Stored records
----
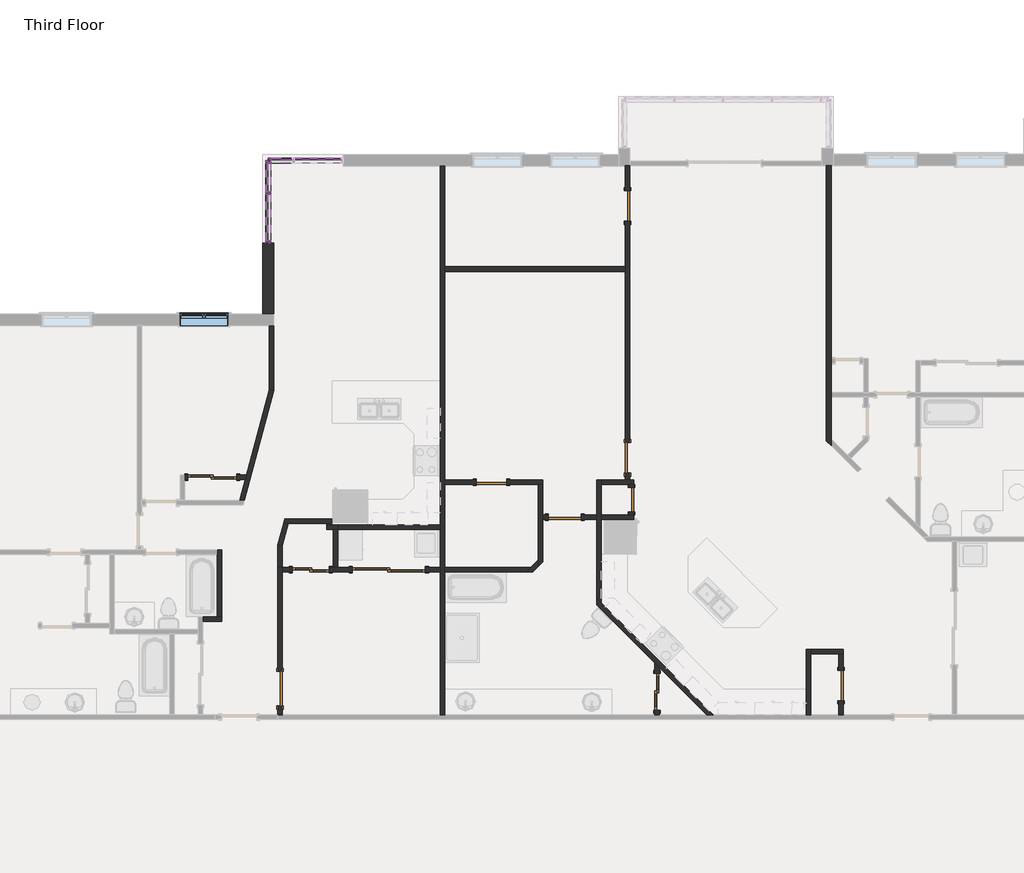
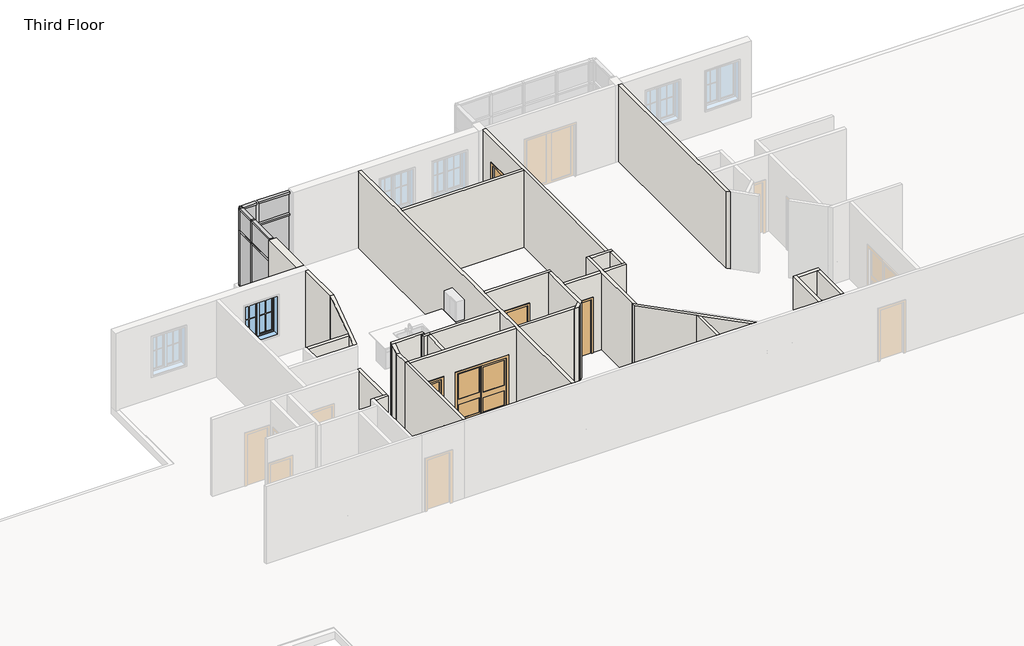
# One storey, part 9 of 17: 32 walls, 19 members, 11 doors, 8 plates, 1 window.
"""IFC4 building model written with IfcOpenShell, lengths in millimetres."""

from ifc_helpers import new_model, si_unit, frame, origin, place, context, project, spatial, polyline, outline, extrude, faceted_brep, transform, mapped, element, save
from components import door_e2285e44, door_d8f5dbb5, door_f2b275c1, door_d141acb4, door_c29894e6, door_88c23cd7, door_900f836f, door_caaf2a11, rectangular_mullion_rectangular_mullion_1_fa3625a1, rectangular_mullion_rectangular_mullion_1_7cbf0b94, rectangular_mullion_rectangular_mullion_1_a50b3cda, rectangular_mullion_rectangular_mullion_1_5cd4c5ac, rectangular_mullion_rectangular_mullion_1_6186cc23, rectangular_mullion_rectangular_mullion_1_049a2e78, rectangular_mullion_rectangular_mullion_1_13524bf9, rectangular_mullion_rectangular_mullion_1_a1888574, rectangular_mullion_rectangular_mullion_1_55d4f6ce, rectangular_mullion_rectangular_mullion_1_d8cc73e0, system_panel_glazed_0ed27d1d, system_panel_glazed_134bacdb, system_panel_glazed_53e6f9fb, system_panel_glazed_cb820e14, system_panel_glazed_7c98c5cb, system_panel_glazed_dc3c0d95, system_panel_glazed_bae44e10, system_panel_glazed_9feb64c3, window_33528cc2

model = new_model("IFC4")

# Units and contexts
model_context = context("Model", 3, world=origin())
ifc_project = project(units=[si_unit("LENGTHUNIT", "METRE", prefix="MILLI")], contexts=[model_context])

# Site, building, storey
site = spatial("IfcSite", under=ifc_project)
building = spatial("IfcBuilding", under=site)
storey = spatial("IfcBuildingStorey", under=building, Name="Third Floor", Elevation=6096.0)

# Doors
placement = place(None, origin())
door_shape = door_e2285e44(model_context)
element("IfcDoor", 1, ObjectType="Single-Flush : 24\" x 80\"", at=placement, inside=storey, context=model_context, shape_type="MappedRepresentation", body=[
    mapped(door_shape, transform((26745.480585, 7734.3572102, 6096.0), x_axis=(0.0, 1.0, 0.0), y_axis=(-1.0, 0.0, 0.0), z_axis=(0.0, 0.0, 1.0))),
])
door_2_shape = door_d8f5dbb5(model_context)
element("IfcDoor", 2, ObjectType="Single-Flush : 30\" x 80\"", at=placement, inside=storey, context=model_context, shape_type="MappedRepresentation", body=[
    mapped(door_2_shape, transform((23246.1202044, 8168.006996, 6096.0), x_axis=(-1.0, 0.0, 0.0), y_axis=(0.0, -1.0, 0.0), z_axis=(0.0, 0.0, 1.0))),
])
element("IfcDoor", 3, ObjectType="Single-Flush : 30\" x 80\"", at=placement, inside=storey, context=model_context, shape_type="MappedRepresentation", body=[
    mapped(door_2_shape, transform((31977.0076897, 3089.6091714, 6096.0), x_axis=(0.0, -1.0, 0.0), y_axis=(1.0, 0.0, 0.0), z_axis=(0.0, 0.0, 1.0))),
])
door_3_shape = door_f2b275c1(model_context)
element("IfcDoor", 4, ObjectType="Single-Flush : 30\" x 80\"", at=placement, inside=storey, context=model_context, shape_type="MappedRepresentation", body=[
    mapped(door_3_shape, transform((26645.8573571, 8777.606996, 6096.0), x_axis=(0.0, -1.0, 0.0), y_axis=(1.0, 0.0, 0.0), z_axis=(0.0, 0.0, 1.0))),
])
element("IfcDoor", 5, ObjectType="Single-Flush : 30\" x 80\"", at=placement, inside=storey, context=model_context, shape_type="MappedRepresentation", body=[
    mapped(door_3_shape, transform((26645.8573571, 15067.4365339, 6096.0), x_axis=(0.0, 1.0, 0.0), y_axis=(-1.0, 0.0, 0.0), z_axis=(0.0, 0.0, 1.0))),
])
door_4_shape = door_d141acb4(model_context)
element("IfcDoor", 6, ObjectType="Single-Flush : 32\" x 84\"", at=placement, inside=storey, context=model_context, shape_type="MappedRepresentation", body=[
    mapped(door_4_shape, transform((25078.7830518, 7300.7074244, 6096.0), x_axis=(-1.0, 0.0, 0.0), y_axis=(0.0, -1.0, 0.0), z_axis=(0.0, 0.0, 1.0))),
])
door_5_shape = door_c29894e6(model_context)
element("IfcDoor", 7, ObjectType="Single-Flush : 34\" x 80\"", at=placement, inside=storey, context=model_context, shape_type="MappedRepresentation", body=[
    mapped(door_5_shape, transform((17970.6993195, 3013.4091714, 6096.0), x_axis=(0.0, -1.0, 0.0), y_axis=(1.0, 0.0, 0.0), z_axis=(0.0, 0.0, 1.0))),
])
door_6_shape = door_88c23cd7(model_context)
element("IfcDoor", 8, ObjectType="Sliding-Closet : 36\" x 80\"", at=placement, inside=storey, context=model_context, shape_type="MappedRepresentation", body=[
    mapped(door_6_shape, transform((18737.6267988, 6113.0380642, 6096.0), x_axis=(-1.0, 0.0, 0.0), y_axis=(0.0, -1.0, 0.0), z_axis=(0.0, 0.0, 1.0))),
])
element("IfcDoor", 9, ObjectType="Sliding-Closet : 36\" x 80\"", at=placement, inside=storey, context=model_context, shape_type="MappedRepresentation", body=[
    mapped(door_6_shape, transform((27511.15388, 2937.2091714, 6096.0), x_axis=(0.0, 1.0, 0.0), y_axis=(-1.0, 0.0, 0.0), z_axis=(0.0, 0.0, 1.0))),
])
door_7_shape = door_900f836f(model_context)
element("IfcDoor", 10, ObjectType="Sliding-Closet : 48\" x 80\"", at=placement, inside=storey, context=model_context, shape_type="MappedRepresentation", body=[
    mapped(door_7_shape, transform((16278.4083594, 8170.5576127, 6096.0), x_axis=(1.0, 0.0, 0.0), y_axis=(0.0, 1.0, 0.0), z_axis=(0.0, 0.0, 1.0))),
])
door_8_shape = door_caaf2a11(model_context)
element("IfcDoor", 11, ObjectType="Sliding-Closet : 72\" x 80\"", at=placement, inside=storey, context=model_context, shape_type="MappedRepresentation", body=[
    mapped(door_8_shape, transform((20687.6058176, 6113.0380642, 6096.0), x_axis=(-1.0, 0.0, 0.0), y_axis=(0.0, -1.0, 0.0), z_axis=(0.0, 0.0, 1.0))),
])

# Members
rectangular_mullion_rectangular_mullion_1_shape = rectangular_mullion_rectangular_mullion_1_fa3625a1(model_context)
element("IfcMember", 12, ObjectType="Rectangular Mullion : Rectangular Mullion 1", at=placement, inside=storey, context=model_context, shape_type="MappedRepresentation", body=[
    mapped(rectangular_mullion_rectangular_mullion_1_shape, transform((18332.1198568, 16206.4791823, 9144.0), x_axis=(0.0, 0.0, 1.0), y_axis=(0.0, 1.0, 0.0), z_axis=(-1.0, 0.0, 0.0))),
])
rectangular_mullion_rectangular_mullion_1_2_shape = rectangular_mullion_rectangular_mullion_1_7cbf0b94(model_context)
element("IfcMember", 13, ObjectType="Rectangular Mullion : Rectangular Mullion 1", at=placement, inside=storey, context=model_context, shape_type="MappedRepresentation", body=[
    mapped(rectangular_mullion_rectangular_mullion_1_2_shape, transform((18332.1198568, 16206.4791823, 8261.35), x_axis=(0.0, 0.0, 1.0), y_axis=(0.0, 1.0, 0.0), z_axis=(-1.0, 0.0, 0.0))),
])
rectangular_mullion_rectangular_mullion_1_3_shape = rectangular_mullion_rectangular_mullion_1_a50b3cda(model_context)
element("IfcMember", 14, ObjectType="Rectangular Mullion : Rectangular Mullion 1", at=placement, inside=storey, context=model_context, shape_type="MappedRepresentation", body=[
    mapped(rectangular_mullion_rectangular_mullion_1_3_shape, transform((17678.8246608, 16206.4791823, 6096.0), x_axis=(-1.0, 0.0, 0.0), y_axis=(0.0, 1.0, 0.0), z_axis=(0.0, 0.0, -1.0))),
])
rectangular_mullion_rectangular_mullion_1_4_shape = rectangular_mullion_rectangular_mullion_1_5cd4c5ac(model_context)
element("IfcMember", 15, ObjectType="Rectangular Mullion : Rectangular Mullion 1", at=placement, inside=storey, context=model_context, shape_type="MappedRepresentation", body=[
    mapped(rectangular_mullion_rectangular_mullion_1_4_shape, transform((17678.8246608, 16206.4791823, 8261.35), x_axis=(-1.0, 0.0, 0.0), y_axis=(0.0, 1.0, 0.0), z_axis=(0.0, 0.0, -1.0))),
])
element("IfcMember", 16, ObjectType="Rectangular Mullion : Rectangular Mullion 1", at=placement, inside=storey, context=model_context, shape_type="MappedRepresentation", body=[
    mapped(rectangular_mullion_rectangular_mullion_1_shape, transform((17678.8246608, 15365.3662252, 9144.0), x_axis=(0.0, 0.0, 1.0), y_axis=(1.0, 0.0, 0.0), z_axis=(0.0, 1.0, 0.0))),
])
element("IfcMember", 17, ObjectType="Rectangular Mullion : Rectangular Mullion 1", at=placement, inside=storey, context=model_context, shape_type="MappedRepresentation", body=[
    mapped(rectangular_mullion_rectangular_mullion_1_shape, transform((17678.8246608, 14209.6662249, 6096.0), x_axis=(0.0, 0.0, -1.0), y_axis=(1.0, 0.0, 0.0), z_axis=(0.0, -1.0, 0.0))),
])
element("IfcMember", 18, ObjectType="Rectangular Mullion : Rectangular Mullion 1", at=placement, inside=storey, context=model_context, shape_type="MappedRepresentation", body=[
    mapped(rectangular_mullion_rectangular_mullion_1_3_shape, transform((17678.8246608, 16206.4791823, 6096.0), x_axis=(0.0, 1.0, 0.0), y_axis=(1.0, 0.0, 0.0), z_axis=(0.0, 0.0, -1.0))),
])
element("IfcMember", 19, ObjectType="Rectangular Mullion : Rectangular Mullion 1", at=placement, inside=storey, context=model_context, shape_type="MappedRepresentation", body=[
    mapped(rectangular_mullion_rectangular_mullion_1_4_shape, transform((17678.8246608, 16206.4791823, 8261.35), x_axis=(0.0, 1.0, 0.0), y_axis=(1.0, 0.0, 0.0), z_axis=(0.0, 0.0, -1.0))),
])
element("IfcMember", 20, ObjectType="Rectangular Mullion : Rectangular Mullion 1", at=placement, inside=storey, context=model_context, shape_type="MappedRepresentation", body=[
    mapped(rectangular_mullion_rectangular_mullion_1_4_shape, transform((17678.8246608, 14146.1662249, 9144.0), x_axis=(0.0, -1.0, 0.0), y_axis=(1.0, 0.0, 0.0), z_axis=(0.0, 0.0, 1.0))),
])
element("IfcMember", 21, ObjectType="Rectangular Mullion : Rectangular Mullion 1", at=placement, inside=storey, context=model_context, shape_type="MappedRepresentation", body=[
    mapped(rectangular_mullion_rectangular_mullion_1_3_shape, transform((17678.8246608, 14146.1662249, 8261.35), x_axis=(0.0, -1.0, 0.0), y_axis=(1.0, 0.0, 0.0), z_axis=(0.0, 0.0, 1.0))),
])
element("IfcMember", 22, ObjectType="Rectangular Mullion : Rectangular Mullion 1", at=placement, inside=storey, context=model_context, shape_type="MappedRepresentation", body=[
    mapped(rectangular_mullion_rectangular_mullion_1_2_shape, transform((17678.8246608, 15365.3662252, 8261.35), x_axis=(0.0, 0.0, 1.0), y_axis=(1.0, 0.0, 0.0), z_axis=(0.0, 1.0, 0.0))),
])
rectangular_mullion_rectangular_mullion_1_5_shape = rectangular_mullion_rectangular_mullion_1_6186cc23(model_context)
element("IfcMember", 23, ObjectType="Rectangular Mullion : Rectangular Mullion 1", at=placement, inside=storey, context=model_context, shape_type="MappedRepresentation", body=[
    mapped(rectangular_mullion_rectangular_mullion_1_5_shape, transform((17678.8246608, 15397.1162252, 6096.0), x_axis=(0.0, 1.0, 0.0), y_axis=(1.0, 0.0, 0.0), z_axis=(0.0, 0.0, -1.0))),
])
rectangular_mullion_rectangular_mullion_1_6_shape = rectangular_mullion_rectangular_mullion_1_049a2e78(model_context)
element("IfcMember", 24, ObjectType="Rectangular Mullion : Rectangular Mullion 1", at=placement, inside=storey, context=model_context, shape_type="MappedRepresentation", body=[
    mapped(rectangular_mullion_rectangular_mullion_1_6_shape, transform((17678.8246608, 15397.1162252, 8261.35), x_axis=(0.0, 1.0, 0.0), y_axis=(1.0, 0.0, 0.0), z_axis=(0.0, 0.0, -1.0))),
])
rectangular_mullion_rectangular_mullion_1_7_shape = rectangular_mullion_rectangular_mullion_1_13524bf9(model_context)
element("IfcMember", 25, ObjectType="Rectangular Mullion : Rectangular Mullion 1", at=placement, inside=storey, context=model_context, shape_type="MappedRepresentation", body=[
    mapped(rectangular_mullion_rectangular_mullion_1_7_shape, transform((17678.8246608, 16142.9791823, 9144.0), x_axis=(0.0, 0.0, 1.0), y_axis=(1.0, 0.0, 0.0), z_axis=(0.0, 1.0, 0.0))),
])
element("IfcMember", 26, ObjectType="Rectangular Mullion : Rectangular Mullion 1", at=placement, inside=storey, context=model_context, shape_type="MappedRepresentation", body=[
    mapped(rectangular_mullion_rectangular_mullion_1_7_shape, transform((17678.8246608, 15428.8662252, 6096.0), x_axis=(0.0, 0.0, -1.0), y_axis=(1.0, 0.0, 0.0), z_axis=(0.0, -1.0, 0.0))),
])
rectangular_mullion_rectangular_mullion_1_8_shape = rectangular_mullion_rectangular_mullion_1_a1888574(model_context)
element("IfcMember", 27, ObjectType="Rectangular Mullion : Rectangular Mullion 1", at=placement, inside=storey, context=model_context, shape_type="MappedRepresentation", body=[
    mapped(rectangular_mullion_rectangular_mullion_1_8_shape, transform((17678.8246608, 16142.9791823, 8261.35), x_axis=(0.0, 0.0, 1.0), y_axis=(1.0, 0.0, 0.0), z_axis=(0.0, 1.0, 0.0))),
])
rectangular_mullion_rectangular_mullion_1_9_shape = rectangular_mullion_rectangular_mullion_1_55d4f6ce(model_context)
element("IfcMember", 28, ObjectType="Rectangular Mullion : Rectangular Mullion 1", at=placement, inside=storey, context=model_context, shape_type="MappedRepresentation", body=[
    mapped(rectangular_mullion_rectangular_mullion_1_9_shape, transform((17742.3246608, 16206.4791823, 9144.0), x_axis=(0.0, 0.0, 1.0), y_axis=(0.0, 1.0, 0.0), z_axis=(-1.0, 0.0, 0.0))),
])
----
Please return a copy of each line in the entries that has the string "Sliding".

▶ [Answer section]:
element("IfcDoor", 8, ObjectType="Sliding-Closet : 36\" x 80\"", at=placement, inside=storey, context=model_context, shape_type="MappedRepresentation", body=[
element("IfcDoor", 9, ObjectType="Sliding-Closet : 36\" x 80\"", at=placement, inside=storey, context=model_context, shape_type="MappedRepresentation", body=[
element("IfcDoor", 10, ObjectType="Sliding-Closet : 48\" x 80\"", at=placement, inside=storey, context=model_context, shape_type="MappedRepresentation", body=[
element("IfcDoor", 11, ObjectType="Sliding-Closet : 72\" x 80\"", at=placement, inside=storey, context=model_context, shape_type="MappedRepresentation", body=[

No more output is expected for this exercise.